But these traditional expressions are becoming less common for the theoretical discipline. Sometimes even employee and industrial relations are confusingly listed as synonyms,[4] although these normally refer to the relationship between management and workers and the behavior of workers in companies. The theoretical discipline is based primarily on the assumption that employees are individuals with varying goals and needs, and as such should not be thought of as basic business resources, such as trucks and filing cabinets. The field takes a positive view of workers, assuming that virtually all wish to contribute to the enterprise productively, and that the main obstacles to their endeavors are lack of knowledge, insufficient training, and failures of process. Human Resource Management(HRM) is seen by practitioners in the field as a more innovative view of workplace management than the traditional approach. Its techniques force the managers of an enterprise to express their goals with specificity so that they can be understood and undertaken by the workforce, and to provide the resources needed for them to successfully accomplish their assignments.

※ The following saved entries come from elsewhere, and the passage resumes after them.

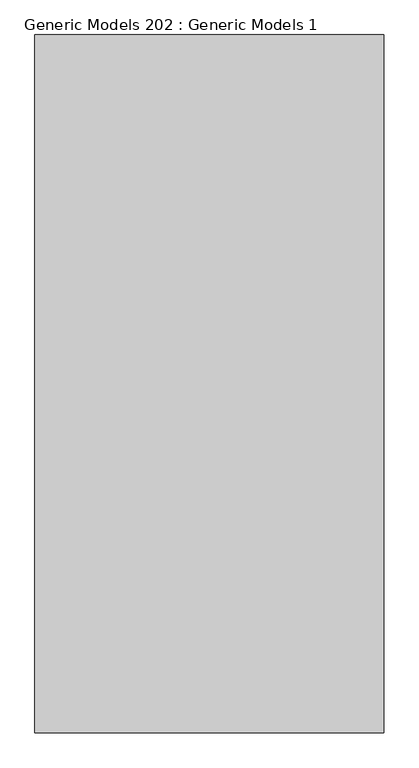
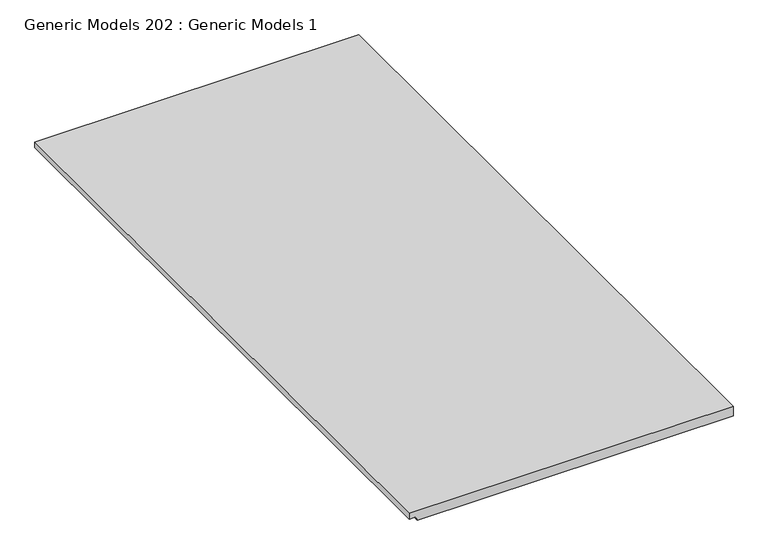
"""IFC4 building model written with IfcOpenShell, lengths in millimetres: proxy geometry, Generic Models 202 : Generic Models 1."""

from ifc_helpers import new_model, si_unit, frame, origin, place, context, project, spatial, polyline, outline, extrude, source, transform, mapped, element, save


def generic_models_202_generic_models_1_0ad20a8b(model_context):
    return source(origin(), model_context, "Body", "SweptSolid", [
        extrude(outline(polyline([(2253.330428, 49813.3451407), (2242.217928, 49813.3451407), (2242.217928, 49826.0451407), (2234.280428, 49828.9341545), (2234.280428, 50422.9451407), (2253.330428, 50422.9451407), (2253.330428, 49813.3451407)])), frame((0.0, 0.0, 0.0), z_axis=(0.0, 1.0, 0.0), x_axis=(0.0, 0.0, 1.0)), (0.0, 0.0, 1.0), 1219.2),
    ])


if __name__ == "__main__":
    model = new_model("IFC4")
    model_context = context("Model", 3, world=origin())
    ifc_project = project(units=[si_unit("LENGTHUNIT", "METRE", prefix="MILLI")], contexts=[model_context])
    site = spatial("IfcSite", under=ifc_project)
    building = spatial("IfcBuilding", under=site)
    placement = place(None, origin())
    generic_models_202_generic_models_1_shape = generic_models_202_generic_models_1_0ad20a8b(model_context)
    element("IfcBuildingElementProxy", 1, Name="Generic Models 202 : Generic Models 1", ObjectType="Generic Models 202 : Generic Models 1", at=placement, inside=building, context=model_context, shape_type="MappedRepresentation", body=[
        mapped(generic_models_202_generic_models_1_shape, transform((0.0, 0.0, 0.0), x_axis=(1.0, 0.0, 0.0), y_axis=(0.0, 1.0, 0.0), z_axis=(0.0, 0.0, 1.0))),
    ])
    save(model, "model.ifc")

# Revit data of these elements
# Element 1 (IfcBuildingElementProxy, "Generic Models 202 : Generic Models 1")
#   Materials on its faces: "CEILING AS SCHEDULED"
# Materials
#   "CEILING AS SCHEDULED": class "Generic", colour RGB 255 255 255, transparency 0, Cost = 0

As such, HRM techniques, when properly practiced, are expressive of the goals and operating practices of the enterprise overall. HRM is also seen by many to have a key role in risk reduction within organizations.[5] Synonyms such as personnel management are often used in a more restricted sense to describe activities that are necessary in the recruiting of a workforce, providing its members with payroll and benefits, and administrating their work-life needs. So if we move to actual definitions, Torrington and Hall (1987) define personnel management as being:

“a series of activities which: first enable working people and their employing organisations to agree about the objectives and nature of their working relationship and, secondly, ensures that the agreement is fulfilled" (p. 49). While Miller (1987) suggests that HRM relates to: ".......those decisions and actions which concern the management of employees at all levels in the business and which are related to the implementation of strategies directed towards creating and sustaining competitive advantage" (p. 352). [edit] Academic theory The goal of human resource management is to help an organization to meet strategic goals by attracting, and maintaining employees and also to manage them effectively. The key word here perhaps is "fit", i.e. a HRM approach seeks to ensure a fit between the management of an organization's employees, and the overall strategic direction of the company (Miller, 1989). The basic premise of the academic theory of HRM is that humans are not machines, therefore we need to have an interdisciplinary examination of people in the workplace. Fields such as psychology, industrial engineering, industrial, Legal/Paralegal Studies and organizational psychology, industrial relations, sociology, and critical theories: postmodernism, post-structuralism play a major role. Many colleges and universities offer bachelor and master degrees in Human Resources Management. One widely used scheme to describe the role of HRM, developed by Dave Ulrich, defines 4 fields for the HRM function:[6]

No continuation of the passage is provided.